GIVEN ENTRIES Start Marker

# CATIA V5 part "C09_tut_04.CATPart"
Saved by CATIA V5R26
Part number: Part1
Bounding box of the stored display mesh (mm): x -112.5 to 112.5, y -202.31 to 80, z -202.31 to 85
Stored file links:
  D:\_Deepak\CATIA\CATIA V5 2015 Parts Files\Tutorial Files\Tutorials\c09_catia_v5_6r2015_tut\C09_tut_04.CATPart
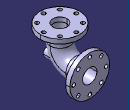
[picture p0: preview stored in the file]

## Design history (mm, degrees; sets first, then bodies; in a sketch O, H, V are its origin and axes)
Body1 (main body)
  Sketch1 on yz-plane, origin (0, 0, 0), H (0, 1, 0), V (0, 0, 1)
    line L1 (-90, 60) -> (-90, 0)
    point P1 (-90, 60)
    arc A1 centre (0, 0) radius 90 from (-90, 0) to (0, -90) ccw
    point P3 (0, 0)
    line L2 (0, -90) -> (55, -90)
    point P5 (55, -90)
    distance P1 L2 = 150
    distance P5 L1 = 145
    radius A1 = 90
    vertical: L1 V
    tangency: A1 L1, L2 A1
    horizontal: L2 H
    coincidence: P3 O
  Plane1: type Normal, Curve Sketch1, RefPoint Sketch1.P5, Ratio 0
  Sketch2 on Plane1, origin (0, 55, 0), H (-1, 0, 0), V (0, 0, 1)
    circle A1 centre (0, -90) radius 48.5
    point P1 (0, -90)
    reference projected point E1 (0, -90) from Sketch1.P5
    radius A1 = 48.5
    coincidence: P1 V, P1 E1
  Rib1: profile Sketch2, centre curve Sketch1, thin wall 16
  Sketch3 on face of Rib1, origin (0, 55, 0), H (-1, 0, 0), V (0, 0, 1)
    circle A1 centre (0, -90) radius 112.5
    point P1 (0, -90)
    reference projected circle E1 centre (0, -90) radius 56.5 from edge [face of Rib1 | face of Rib1]
    circle A2 centre (0, -90) radius 40.5
    reference projected circle E2 centre (0, -90) radius 40.5 from edge [face of Rib1 | face of Rib1]
    radius A1 = 112.5
    coincidence: P1 V, A2 E2
    concentricity: A1 E1
  Pad1: profile Sketch3, direction (0, 1, 0), length 25
  Sketch4 on face of Rib1, origin (0, 0, 60), H (1, 0, 0), V (0, 1, 0)
    circle A1 centre (0, -90) radius 112.5
    point P1 (0, -90)
    reference projected circle E1 centre (0, -90) radius 56.5 from edge [face of Rib1 | face of Rib1]
    circle A2 centre (0, -90) radius 40.5
    reference projected circle E2 centre (0, -90) radius 40.5 from edge [face of Rib1 | face of Rib1]
    radius A1 = 112.5
    coincidence: P1 V, A2 E2
    concentricity: A1 E1
  Pad2: profile Sketch4, direction (0, 0, 1), length 25
  Plane2: type Offset, RefPlane end face of Pad1, Offset 240
  Sketch5 on Plane2, origin (0, -160, 0), H (-1, 0, 0), V (0, 0, 1)
    circle A1 centre (0, -90) radius 25
    point P1 (0, -90)
    reference projected line E1 (-112.5, 85) -> (112.5, 85) from edge [face of Pad2 from Sketch4.A1 | end face of Pad2]
    radius A1 = 25
    distance E1 P1 = 175
    coincidence: P1 V
  Pad3: profile Sketch5, direction (0, 1, 0), up to the existing solid (limit type 2)
  Point1: type Center, Curve edge [start face of Pad3 | face of Pad3 from Sketch5.A1]
  Sketch6 on start face of Pad3, origin (0, -160, -90), H (1, 0, 0), V (0, 0, 1)
    point P1 (0, 0)
    reference projected point E1 (0, 0) from Point1
    coincidence: E1 P1
  Hole1: placed by Sketch6, at (0, -160, -90) direction (0, 1, 0), diameter 20, through (limit type 6), counterbore diameter 24, counterbore depth 28
  Sketch7 on end face of Pad1, origin (0, 80, 0), H (-1, 0, 0), V (0, 0, 1)
    construction circle A1 centre (0, -90) radius 92.5
    point P1 (0, -90)
    reference projected circle E1 centre (0, -90) radius 112.5 from edge [face of Pad1 from Sketch3.A1 | end face of Pad1]
    point P2 (0, 2.5)
    radius A1 = 92.5
    coincidence: P1 V, P2 A1, P2 V
    concentricity: A1 E1
  Sketch8 on end face of Pad1, origin (0, 80, 2.5), H (1, 0, 0), V (0, 0, -1)
    point P1 (0, 0)
    reference projected point E1 (0, 0) from Sketch7.P2
    coincidence: E1 P1
  Hole2: placed by Sketch8, at (0, 80, 2.5) direction (0, -1, 0), diameter 20.5, through (limit type 6)
  CircPattern1: of Hole2, instances 8, angular step 45 {= 360.0*1 deg/CircPattern1.AngularNumber}, axis from face of Pad1
  Sketch9 on end face of Pad2, origin (0, 0, 85), H (1, 0, 0), V (0, 1, 0)
    construction circle A1 centre (0, -90) radius 92.5
    point P1 (0, -90)
    reference projected circle E1 centre (0, -90) radius 112.5 from edge [face of Pad2 from Sketch4.A1 | end face of Pad2]
    point P2 (0, 2.5)
    radius A1 = 92.5
    coincidence: P1 V, P2 A1, P2 V
    concentricity: A1 E1
  Sketch10 on end face of Pad2, origin (0, 2.5, 85), H (1, 0, 0), V (0, 1, 0)
    point P1 (0, 0)
    reference projected point E1 (0, 0) from Sketch9.P2
    coincidence: E1 P1
  Hole3: placed by Sketch10, at (0, 2.5, 85) direction (0, 0, -1), diameter 20.5, through (limit type 6)
  CircPattern2: of Hole3, instances 8, angular step 45 {= 360.0*1 deg/CircPattern2.AngularNumber}, axis from face of Pad2 from Sketch4.A2
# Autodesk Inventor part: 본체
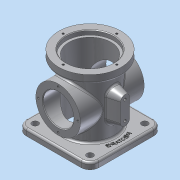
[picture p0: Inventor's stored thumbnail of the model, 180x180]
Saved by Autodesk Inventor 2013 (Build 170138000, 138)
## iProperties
Created: 2021-03
Part Number: 본체
Material: 알루미늄 6061
Document SubType Name: Modeling
Designer: Administrator
Mass: 822.758 g
Surface Area: 856.472 cm^2
Volume: 303.601 cm^3
Density: 2.71 g/cm^3
Author: Administrator
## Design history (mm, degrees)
sketch "스케치1"
  geometry: L1 (57, -57)-(-57, -57); L2 (-57, -57)-(-57, 57); L3 (-57, 57)-(57, 57); L4 (57, 57)-(57, -57); L5 (57, -57)-(-57, 57); L6 (-57, -57)-(57, 57); 1 further point
  constraints: 12 end point, 2 midpoint, 2 parallel, 2 perpendicular, 1 horizontal
  dimensions: "d0" = 114 distance of L2.end L3.end
extrude "돌출1" new body sketch "스케치1" distance "d2" = 10; taper "d3" = 0 deg
sketch "스케치2"
  geometry: C1 r 38 at (0, 0); 1 further point
  constraints: 1 centre point, 1 coincident
  dimensions: "d4" = 76 diameter of C1
extrude "돌출2" join sketch "스케치2" distance "d6" = 88; taper "d7" = 0 deg
sketch "스케치3"
  geometry: C1 r 38 at (0, 0) reference; C2 r 49 at (0, 0)
  constraints: 1 centre point, 1 coincident
  dimensions: "d8" = 98 diameter of C2
extrude "돌출3" join sketch "스케치3" distance "d10" = 13; taper "d11" = 0 deg
sketch "스케치4"
  geometry: C1 r 38 at (0, 0) reference
extrude "돌출4" join sketch "스케치4" distance "d12" = 13; taper "d13" = 0 deg
fillet "모깎기1" dims "d14" = 14
sketch "스케치5"
  geometry: L1 (-43, 0)-(43, 0) reference; C1 r 35 at (0, 54); 1 further point
  constraints: 1 centre point, 1 vertical alignment
  dimensions: "d15" = 54 distance from line of L1 C1.centre; "d16" = 70 diameter of C1
extrude "돌출5" join sketch "스케치5" stored distance "d17" = 100; taper "d18" = 0 deg
node "작업 평면2"
sketch "스케치7"
  geometry: L1 (-7, 70)-(-7, 41); L2 (7, 70)-(7, 41); L3 (-43, 0)-(43, 0) reference; A1 r 7 centre (0, 70) between (-7, 70) and (7, 70); A2 r 7 centre (0, 41) between (-7, 41) and (7, 41); 1 further point
  constraints: 4 end point, 4 point on circle, 4 tangent, 2 centre point, 2 vertical alignment
  dimensions: "d29" = 14 diameter of A1; "d31" = 43 dimension on A2 A1; "d32" = 14 diameter of A2; "d34" = 41 distance from line of L3 A2.centre
extrude "돌출7" join sketch "스케치7" stored distance "d35" = 98; taper "d36" = 15 deg
sketch "스케치8"
  geometry: C1 r 35 at (0, 0) reference; C2 r 24 at (0, 0); 1 further point
  constraints: 1 centre point, 1 coincident
  dimensions: "d37" = 48 diameter of C2
extrude "돌출8" cut sketch "스케치8" stored distance "d39" = 98; taper "d40" = 0 deg
hole "구멍1" diameter "d43" = 66; stored, may be unused: countersink angle "d47" = 90 deg, drill point angle "d49" = 118 deg; dims "d41" = 10, "d42" = 10, "d44" = 6, "d45" = 74, "d46" = 7, "d48" = 8
sketch "스케치9"
  geometry: C1 r 37 at (0, 0) reference; C2 r 49 at (0, 0) reference; A1 r 42 centre (0, 0) between (-42, 0) and (0, 42); 2 further points
  constraints: 4 point on circle, 2 horizontal alignment, 2 vertical alignment, 1 centre point, 1 coincident
  dimensions: "d50" = 84 diameter of A1
hole "구멍2" sketch "스케치9" at (-42, 0), (0, 42), (0, -42), (42, 0) diameter "d52" = 3.242; stored, may be unused: countersink angle "d56" = 90 deg, drill point angle "d58" = 118 deg; dims "d53" = 6, "d54" = 74, "d55" = 7, "d57" = 8
sketch "스케치10"
  geometry: C1 r 24 at (0, 0) reference; C2 r 35 at (0, 0) reference; A1 r 31 centre (0, 0) between (0, 31) and (31, 0); 3 further points
  constraints: 4 point on circle, 2 horizontal alignment, 2 vertical alignment, 1 centre point, 1 coincident
  dimensions: "d59" = 62 diameter of A1
hole "구멍3" sketch "스케치10" at (0, 31), (31, 0), (-31, 0), (0, -31) diameter "d61" = 3.242; stored, may be unused: countersink angle "d65" = 90 deg, drill point angle "d67" = 118 deg; dims "d62" = 6, "d63" = 74, "d64" = 7, "d66" = 8
hole "구멍4" diameter "d70" = 4.134; stored, may be unused: countersink angle "d74" = 90 deg, drill point angle "d76" = 118 deg; dims "d68" = 10, "d69" = 10, "d71" = 8, "d72" = 74, "d73" = 7, "d75" = 10
hole "구멍5" diameter "d79" = 4.134; stored, may be unused: countersink angle "d83" = 90 deg, drill point angle "d85" = 118 deg; dims "d77" = 10, "d78" = 10, "d80" = 8, "d81" = 74, "d82" = 7, "d84" = 10
fillet "모깎기2" dims "d86" = 3
fillet "모깎기3" dims "d87" = 3
fillet "모깎기4" dims "d88" = 3
fillet "모깎기5" dims "d89" = 3
fillet "모깎기6" dims "d90" = 3
chamfer "모따기1" distance "d91" = 1; stored, may be unused: second distance "d92" = 2, angle "d93" = 45 deg
hole "구멍6" diameter "d96" = 10; stored, may be unused: countersink angle "d100" = 90 deg, drill point angle "d102" = 118 deg; dims "d94" = 10, "d95" = 10, "d97" = 8, "d98" = 74, "d99" = 7, "d101" = 10
hole "구멍7" diameter "d105" = 10; stored, may be unused: countersink angle "d109" = 90 deg, drill point angle "d111" = 118 deg; dims "d103" = 10, "d104" = 10, "d106" = 8, "d107" = 74, "d108" = 7, "d110" = 10
hole "구멍8" diameter "d114" = 10; stored, may be unused: countersink angle "d118" = 90 deg, drill point angle "d120" = 118 deg; dims "d112" = 10, "d113" = 10, "d115" = 8, "d116" = 74, "d117" = 7, "d119" = 10
hole "구멍9" diameter "d123" = 10; stored, may be unused: countersink angle "d127" = 90 deg, drill point angle "d129" = 118 deg; dims "d121" = 10, "d122" = 10, "d124" = 8, "d125" = 74, "d126" = 7, "d128" = 10
sketch "스케치11"
  geometry: L1 (71.368, 0)-(-86.916, 0); C1 r 41 at (0, 0) reference; C2 r 50 at (0, 0)
  constraints: 2 end point, 1 centre point, 1 coincident, 1 other
  dimensions: "d130" = 100 diameter of C2
feature "엠보싱1" sketch "스케치11" dims "d0" = 114, "d132" = 0.5, "d133" = 0
node "솔리드1"
mirror "대칭1"
node "작업 평면3"
other parameters: "d19" = 55

GIVEN ENTRIES End Marker

◆ EXERCISE DIRECTIONS ◆
From the records above, retype only the lines starting at the line that contains "geometry: L1 (-43, 0)-(43, 0)" and ending at the line that contains "84 diameter of A1", both included.

◆ SOLUTION TO THE PROBLEM ◆
  geometry: L1 (-43, 0)-(43, 0) reference; C1 r 35 at (0, 54); 1 further point
  constraints: 1 centre point, 1 vertical alignment
  dimensions: "d15" = 54 distance from line of L1 C1.centre; "d16" = 70 diameter of C1
extrude "돌출5" join sketch "스케치5" stored distance "d17" = 100; taper "d18" = 0 deg
node "작업 평면2"
sketch "스케치7"
  geometry: L1 (-7, 70)-(-7, 41); L2 (7, 70)-(7, 41); L3 (-43, 0)-(43, 0) reference; A1 r 7 centre (0, 70) between (-7, 70) and (7, 70); A2 r 7 centre (0, 41) between (-7, 41) and (7, 41); 1 further point
  constraints: 4 end point, 4 point on circle, 4 tangent, 2 centre point, 2 vertical alignment
  dimensions: "d29" = 14 diameter of A1; "d31" = 43 dimension on A2 A1; "d32" = 14 diameter of A2; "d34" = 41 distance from line of L3 A2.centre
extrude "돌출7" join sketch "스케치7" stored distance "d35" = 98; taper "d36" = 15 deg
sketch "스케치8"
  geometry: C1 r 35 at (0, 0) reference; C2 r 24 at (0, 0); 1 further point
  constraints: 1 centre point, 1 coincident
  dimensions: "d37" = 48 diameter of C2
extrude "돌출8" cut sketch "스케치8" stored distance "d39" = 98; taper "d40" = 0 deg
hole "구멍1" diameter "d43" = 66; stored, may be unused: countersink angle "d47" = 90 deg, drill point angle "d49" = 118 deg; dims "d41" = 10, "d42" = 10, "d44" = 6, "d45" = 74, "d46" = 7, "d48" = 8
sketch "스케치9"
  geometry: C1 r 37 at (0, 0) reference; C2 r 49 at (0, 0) reference; A1 r 42 centre (0, 0) between (-42, 0) and (0, 42); 2 further points
  constraints: 4 point on circle, 2 horizontal alignment, 2 vertical alignment, 1 centre point, 1 coincident
  dimensions: "d50" = 84 diameter of A1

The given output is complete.